Today The Washington Post’s Weekend Section featured A Tour of Civil War Washington. Great stuff, including Lincoln’s Summer home and a fort (now surrounded by apartments) which was the site of the Civil War’s only battle within DC, but Father Goof would like to add a stop.
A few winters ago I needed to take the kids somewhere. A few months before I had taken GoofBoy to Ft. McHenry and GoofGirl wanted to see a fort too. She particularly wanted to see the “cannon-shooters.” I was willing to drive, since we were listening to one of the Harry Potter Books. So I thought I would take them down to Ft. Washington, an enormous fortification on the Potomac that guarded the nation’s capitol. However, I couldn’t find it – I have an extraordinarily bad sense of direction.
But I kept passing signs for Fort Foote. (I’d never heard of it) but finally I gave up on Fort Washington and went to Fort Foote. There was just a dirt parking lot and some woods. We walked around a bit and didn’t see much of anything (although the kids were pretty excited about brightly colored pebble they found – probably from an aquarium).

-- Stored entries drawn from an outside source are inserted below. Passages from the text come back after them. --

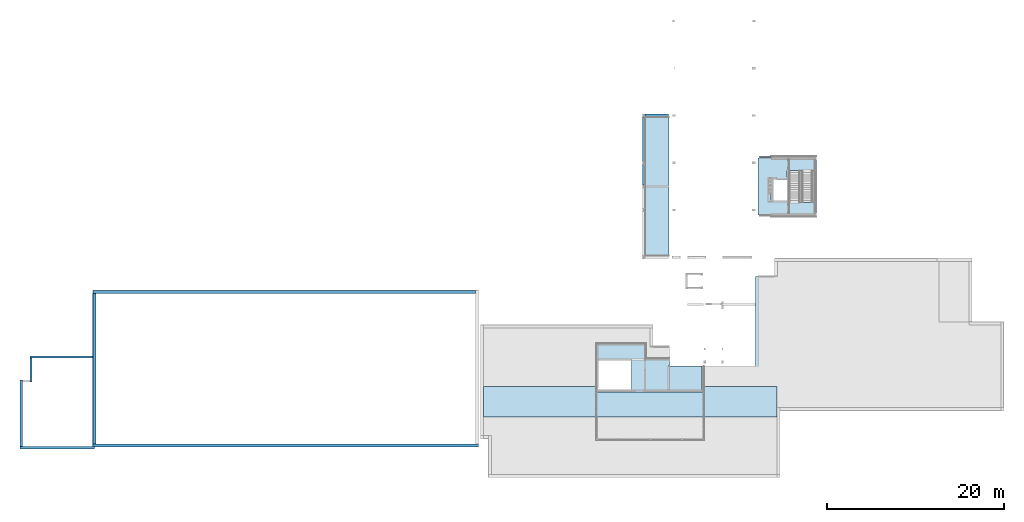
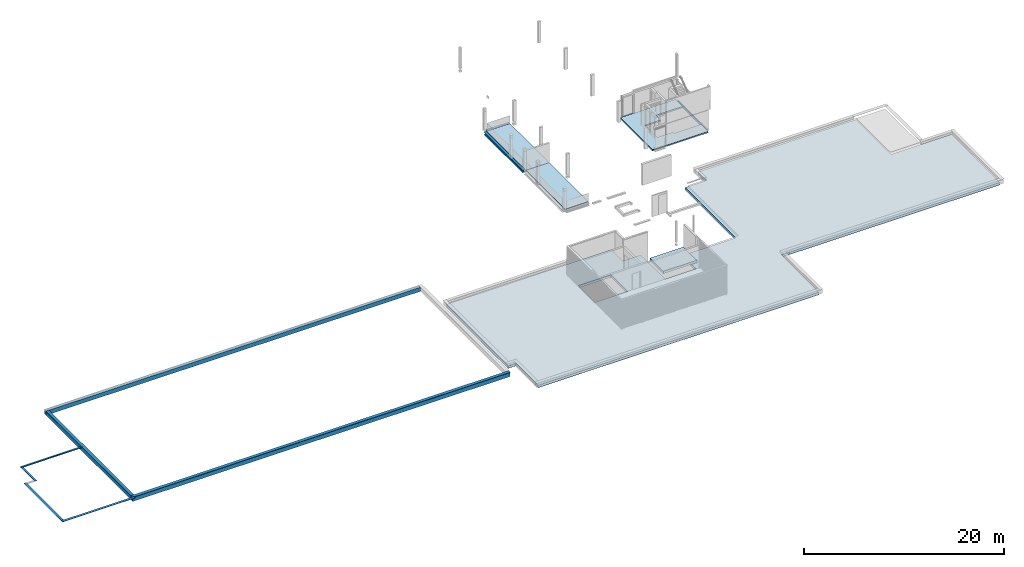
# One storey, part 3 of 22: 9 walls, 6 slabs, 4 beams.
"""IFC2X3 building model written with IfcOpenShell, lengths in millimetres."""

from ifc_helpers import new_model, entity, si_unit, converted_unit, derived_unit, money_unit, direction, frame, origin_with_axes, place, context, subcontext, project, spatial, faceted_brep, material, type_object, element, save


model = new_model("IFC2X3")

# Units and contexts
model_context = context("Model", 3, precision=0.01, world=origin_with_axes(), true_north=direction((0.0, 1.0)))
body_context = subcontext(model_context, "Body", "Model", "MODEL_VIEW")
ifc_project = project(units=[si_unit("LENGTHUNIT", "METRE", prefix="MILLI"), si_unit("AREAUNIT", "SQUARE_METRE"), si_unit("VOLUMEUNIT", "CUBIC_METRE"), converted_unit("PLANEANGLEUNIT", "DEGREE", entity("IfcPlaneAngleMeasure", 0.0174532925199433), si_unit("PLANEANGLEUNIT", "RADIAN"), dimensions=[0, 0, 0, 0, 0, 0, 0]), money_unit("EUR"), converted_unit("TIMEUNIT", "Year", entity("IfcTimeMeasure", 31557600.0), si_unit("TIMEUNIT", "SECOND"), dimensions=[0, 0, 1, 0, 0, 0, 0]), si_unit("MASSUNIT", "GRAM", prefix="KILO"), si_unit("THERMODYNAMICTEMPERATUREUNIT", "DEGREE_CELSIUS"), si_unit("LUMINOUSINTENSITYUNIT", "LUMEN"), si_unit("ENERGYUNIT", "JOULE", prefix="MEGA"), derived_unit("THERMALCONDUCTANCEUNIT", [(si_unit("POWERUNIT", "WATT"), 1), (si_unit("LENGTHUNIT", "METRE"), -1), (si_unit("THERMODYNAMICTEMPERATUREUNIT", "KELVIN"), -1)]), derived_unit("SPECIFICHEATCAPACITYUNIT", [(si_unit("ENERGYUNIT", "JOULE"), 1), (si_unit("MASSUNIT", "GRAM", prefix="KILO"), -1), (si_unit("THERMODYNAMICTEMPERATUREUNIT", "KELVIN"), -1)]), derived_unit("MASSDENSITYUNIT", [(si_unit("MASSUNIT", "GRAM", prefix="KILO"), 1), (si_unit("VOLUMEUNIT", "CUBIC_METRE"), -1)])], contexts=[model_context])

# Site, building, storey
site_placement = place(None, origin_with_axes())
site = spatial("IfcSite", under=ifc_project, at=site_placement, Name="Site", CompositionType="ELEMENT")
building_placement = place(site_placement, origin_with_axes())
building = spatial("IfcBuilding", under=site, at=building_placement, Name="Naam gebouw", CompositionType="ELEMENT")
storey_placement = place(building_placement, frame((0.0, 0.0, 11150.0), z_axis=(0.0, 0.0, 1.0), x_axis=(1.0, 0.0, 0.0)))
storey = spatial("IfcBuildingStorey", under=building, at=storey_placement, Name="3e verdieping/dak N", CompositionType="ELEMENT", Elevation=11150.0)

# Beams
ifc_material_1 = material(Name="staal geanodiseerd RAL 7024")
beam_type_1 = type_object("IfcBeamType", Name="NLRS_28_SF_staal - balk - UNP:UNP300", PredefinedType="BEAM")
beam_1_placement = place(storey_placement, frame((31685.00219861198, 39234.57878397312, 159.9999999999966), z_axis=(0.0, 0.0, 1.0), x_axis=(0.0, 1.0, 0.0)))
element("IfcBeam", 1, at=beam_1_placement, inside=storey, type_object=beam_type_1, material=ifc_material_1, Name="NLRS_28_SF_staal - balk - UNP:UNP300", ObjectType="BEAM", context=body_context, shape_type="Brep", body=[
    faceted_brep([(-54.66666666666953, 0.0, 150.0000000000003), (-54.66666666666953, 1294.002198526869, 150.0000000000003), (-54.66666666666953, 1294.002198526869, -150.0000000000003), (-54.66666666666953, 0.0, -150.0000000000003), (45.33333333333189, 0.0, 150.0000000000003), (45.33333333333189, 1294.002198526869, 150.0000000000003), (45.33333333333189, 1294.002198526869, 144.1000000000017), (42.99018758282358, 1294.002198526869, 138.4431457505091), (37.33333333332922, 1294.002198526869, 136.1000000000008), (-28.66666666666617, 1294.002198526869, 132.8000000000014), (-36.66666666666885, 1294.002198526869, 130.6564064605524), (-42.52307312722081, 1294.002198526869, 124.8000000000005), (-44.66666666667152, 1294.002198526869, 116.7999999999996), (-44.66666666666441, 1294.002198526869, -116.8000000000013), (-42.52307312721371, 1294.002198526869, -124.8000000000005), (-36.66666666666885, 1294.002198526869, -130.6564064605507), (-28.66666666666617, 1294.002198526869, -132.7999999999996), (37.33333333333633, 1294.002198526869, -136.099999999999), (42.99018758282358, 1294.002198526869, -138.4431457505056), (45.33333333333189, 1294.002198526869, -144.0999999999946), (45.33333333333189, 1294.002198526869, -150.0000000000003), (45.33333333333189, 0.0, -150.0000000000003), (45.33333333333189, 0.0, -144.0999999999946), (42.99018758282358, 0.0, -138.4431457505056), (37.33333333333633, 0.0, -136.099999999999), (-28.66666666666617, 0.0, -132.7999999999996), (-36.66666666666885, 0.0, -130.6564064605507), (-42.52307312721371, 0.0, -124.8000000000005), (-44.66666666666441, 0.0, -116.8000000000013), (-44.66666666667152, 0.0, 116.7999999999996), (-42.52307312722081, 0.0, 124.8000000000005), (-36.66666666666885, 0.0, 130.6564064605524), (-28.66666666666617, 0.0, 132.8000000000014), (37.33333333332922, 0.0, 136.1000000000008), (42.99018758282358, 0.0, 138.4431457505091), (45.33333333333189, 0.0, 144.1000000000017)], [[[0, 1, 2, 3]], [[4, 5, 1, 0]], [[2, 1, 5, 6, 7, 8, 9, 10, 11, 12, 13, 14, 15, 16, 17, 18, 19, 20]], [[3, 2, 20, 21]], [[4, 0, 3, 21, 22, 23, 24, 25, 26, 27, 28, 29, 30, 31, 32, 33, 34, 35]], [[35, 6, 5, 4]], [[34, 7, 6, 35]], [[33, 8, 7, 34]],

Then we found a path into the woods. There were some odd little hills. Then we found historic markers that explained that Ft. Foote was an earthwork so there were no massive stonewalls, just big piles of dirt. We started wandering around. We found some ruins of barracks, cannons, and spectacular views of the Potomac River.
I love our National Parks and will go on Ranger walk after Ranger walk (I’m the guy asking annoying questions!) As a visit to the website shows, this is not one of the gems of the system - no events, no talks, not reconstructions, not much of anything. But that made it awesome! I let GoofBoy take the lead, GoofGirl followed him and I took the rear (in case there were any Confederates infiltrating.) When we came to a creaking bridge – there was no one around to tell us not to climb on it.
We just run around, exploring and climbing onto and into.
Gettysburg it ain’t, but the site’s lack of importance and development of the site gave it its charm and made for a great day of exploration and adventure.